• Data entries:
• • • • • • •

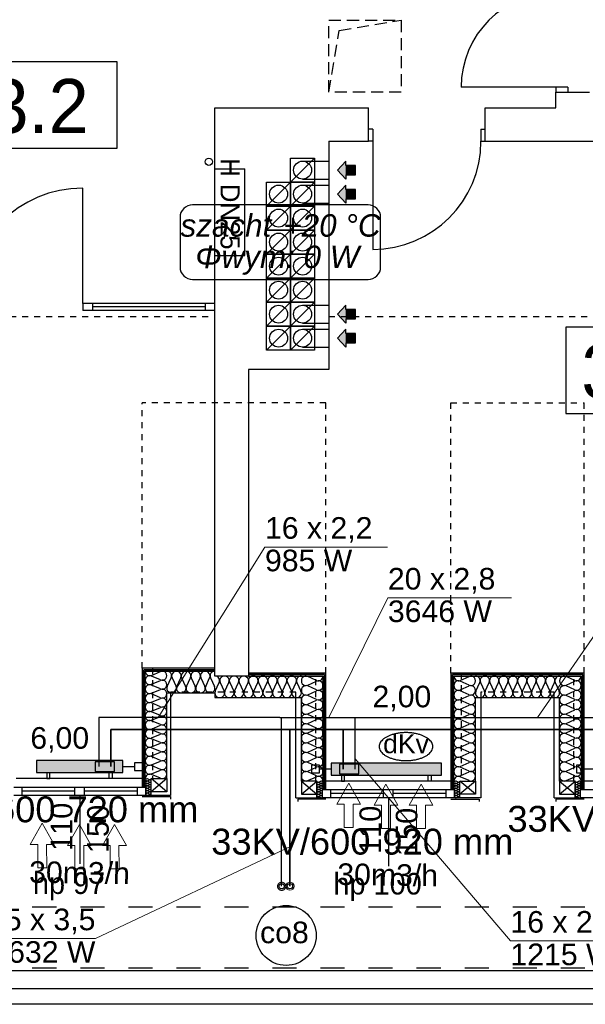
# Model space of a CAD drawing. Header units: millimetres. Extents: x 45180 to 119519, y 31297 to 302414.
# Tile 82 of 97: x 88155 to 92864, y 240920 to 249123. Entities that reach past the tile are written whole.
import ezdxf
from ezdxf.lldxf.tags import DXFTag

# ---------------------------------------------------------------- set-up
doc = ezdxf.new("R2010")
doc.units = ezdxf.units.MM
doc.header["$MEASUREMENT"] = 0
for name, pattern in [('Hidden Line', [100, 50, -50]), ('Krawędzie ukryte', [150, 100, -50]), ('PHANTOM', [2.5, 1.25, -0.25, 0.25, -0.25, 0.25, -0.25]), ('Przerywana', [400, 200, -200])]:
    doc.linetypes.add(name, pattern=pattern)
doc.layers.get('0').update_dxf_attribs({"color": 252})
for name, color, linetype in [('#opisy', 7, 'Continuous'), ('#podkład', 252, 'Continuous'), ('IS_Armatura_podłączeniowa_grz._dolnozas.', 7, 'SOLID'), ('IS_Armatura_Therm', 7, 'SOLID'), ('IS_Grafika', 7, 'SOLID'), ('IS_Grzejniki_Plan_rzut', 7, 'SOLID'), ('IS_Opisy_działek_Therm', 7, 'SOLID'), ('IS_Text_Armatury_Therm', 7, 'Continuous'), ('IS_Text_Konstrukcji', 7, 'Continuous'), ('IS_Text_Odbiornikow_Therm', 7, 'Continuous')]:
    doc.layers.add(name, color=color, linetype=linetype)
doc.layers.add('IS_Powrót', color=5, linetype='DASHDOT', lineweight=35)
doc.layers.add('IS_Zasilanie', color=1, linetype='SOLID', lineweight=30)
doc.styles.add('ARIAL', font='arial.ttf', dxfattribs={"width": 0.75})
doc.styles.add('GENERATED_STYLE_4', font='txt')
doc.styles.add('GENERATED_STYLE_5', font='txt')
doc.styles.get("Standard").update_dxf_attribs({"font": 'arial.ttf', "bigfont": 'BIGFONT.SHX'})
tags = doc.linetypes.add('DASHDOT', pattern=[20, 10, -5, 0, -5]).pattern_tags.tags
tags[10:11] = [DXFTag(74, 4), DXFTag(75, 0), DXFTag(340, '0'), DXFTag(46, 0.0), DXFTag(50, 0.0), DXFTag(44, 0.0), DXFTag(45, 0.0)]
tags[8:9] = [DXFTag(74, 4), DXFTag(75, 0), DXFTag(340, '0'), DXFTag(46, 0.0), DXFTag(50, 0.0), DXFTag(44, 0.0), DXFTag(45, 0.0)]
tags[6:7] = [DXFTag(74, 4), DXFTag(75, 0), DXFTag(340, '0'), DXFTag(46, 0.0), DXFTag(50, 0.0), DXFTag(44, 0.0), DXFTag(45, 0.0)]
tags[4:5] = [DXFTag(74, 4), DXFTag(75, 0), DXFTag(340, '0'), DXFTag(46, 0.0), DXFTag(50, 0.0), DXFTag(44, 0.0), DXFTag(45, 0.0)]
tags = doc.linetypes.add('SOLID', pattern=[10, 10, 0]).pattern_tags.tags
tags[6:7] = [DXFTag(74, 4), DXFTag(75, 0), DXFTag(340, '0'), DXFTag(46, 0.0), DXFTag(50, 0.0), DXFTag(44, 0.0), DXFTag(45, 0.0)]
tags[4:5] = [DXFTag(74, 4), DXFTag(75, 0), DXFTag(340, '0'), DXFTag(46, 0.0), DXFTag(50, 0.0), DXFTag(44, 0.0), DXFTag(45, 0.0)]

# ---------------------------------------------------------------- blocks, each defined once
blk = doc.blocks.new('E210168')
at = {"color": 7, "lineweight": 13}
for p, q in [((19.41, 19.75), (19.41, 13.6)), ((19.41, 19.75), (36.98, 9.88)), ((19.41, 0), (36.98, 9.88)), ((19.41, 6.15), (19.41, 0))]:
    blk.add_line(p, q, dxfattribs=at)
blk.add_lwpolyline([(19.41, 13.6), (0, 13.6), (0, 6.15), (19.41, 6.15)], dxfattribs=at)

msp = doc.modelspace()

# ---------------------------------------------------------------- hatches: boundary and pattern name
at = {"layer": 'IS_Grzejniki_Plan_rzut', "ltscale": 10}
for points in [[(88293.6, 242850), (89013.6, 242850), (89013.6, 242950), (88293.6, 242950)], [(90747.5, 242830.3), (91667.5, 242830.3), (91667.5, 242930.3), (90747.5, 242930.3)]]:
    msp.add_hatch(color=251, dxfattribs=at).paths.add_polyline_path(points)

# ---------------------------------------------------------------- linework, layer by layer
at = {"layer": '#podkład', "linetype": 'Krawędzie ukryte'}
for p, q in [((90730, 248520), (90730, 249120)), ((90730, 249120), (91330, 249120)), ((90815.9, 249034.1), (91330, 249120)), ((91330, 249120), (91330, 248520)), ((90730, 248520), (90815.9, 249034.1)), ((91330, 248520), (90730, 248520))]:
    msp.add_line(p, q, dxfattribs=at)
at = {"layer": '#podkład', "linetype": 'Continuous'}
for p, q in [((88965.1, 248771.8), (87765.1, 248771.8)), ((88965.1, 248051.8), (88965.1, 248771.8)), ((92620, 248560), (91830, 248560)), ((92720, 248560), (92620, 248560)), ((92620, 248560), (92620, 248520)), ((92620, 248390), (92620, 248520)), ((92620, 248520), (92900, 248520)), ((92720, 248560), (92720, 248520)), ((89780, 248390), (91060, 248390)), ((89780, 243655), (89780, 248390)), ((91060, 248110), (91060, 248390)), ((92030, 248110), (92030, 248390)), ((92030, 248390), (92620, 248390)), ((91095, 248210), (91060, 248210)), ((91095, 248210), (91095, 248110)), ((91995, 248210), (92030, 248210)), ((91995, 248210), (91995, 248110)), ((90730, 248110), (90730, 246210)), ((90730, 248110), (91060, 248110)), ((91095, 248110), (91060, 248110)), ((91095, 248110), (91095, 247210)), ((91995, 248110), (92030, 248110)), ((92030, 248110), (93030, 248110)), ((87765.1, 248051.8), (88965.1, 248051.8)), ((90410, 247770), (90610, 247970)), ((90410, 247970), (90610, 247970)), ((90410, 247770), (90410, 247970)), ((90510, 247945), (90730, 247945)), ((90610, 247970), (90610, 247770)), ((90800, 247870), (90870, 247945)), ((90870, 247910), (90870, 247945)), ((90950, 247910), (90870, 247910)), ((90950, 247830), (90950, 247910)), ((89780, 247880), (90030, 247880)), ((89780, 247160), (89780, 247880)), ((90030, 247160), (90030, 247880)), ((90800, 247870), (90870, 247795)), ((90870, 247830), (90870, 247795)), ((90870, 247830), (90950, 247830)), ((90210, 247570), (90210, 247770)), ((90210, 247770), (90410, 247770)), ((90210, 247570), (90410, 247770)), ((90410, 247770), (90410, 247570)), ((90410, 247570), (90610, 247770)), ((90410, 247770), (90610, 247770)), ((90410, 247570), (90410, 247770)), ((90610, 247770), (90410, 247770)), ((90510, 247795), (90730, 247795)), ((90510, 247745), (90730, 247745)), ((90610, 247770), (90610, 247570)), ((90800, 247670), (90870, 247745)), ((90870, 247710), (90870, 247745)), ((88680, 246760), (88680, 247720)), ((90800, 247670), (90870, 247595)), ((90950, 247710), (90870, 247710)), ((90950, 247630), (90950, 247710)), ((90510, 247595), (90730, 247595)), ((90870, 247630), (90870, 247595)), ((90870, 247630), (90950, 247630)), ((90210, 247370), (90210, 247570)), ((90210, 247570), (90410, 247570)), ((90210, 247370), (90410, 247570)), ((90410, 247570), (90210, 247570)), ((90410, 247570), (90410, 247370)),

• • • • • • •

• What you are asked to do: For the string "name", give the number of lines in the entries that contain it, with no other words.

• Answer space: 5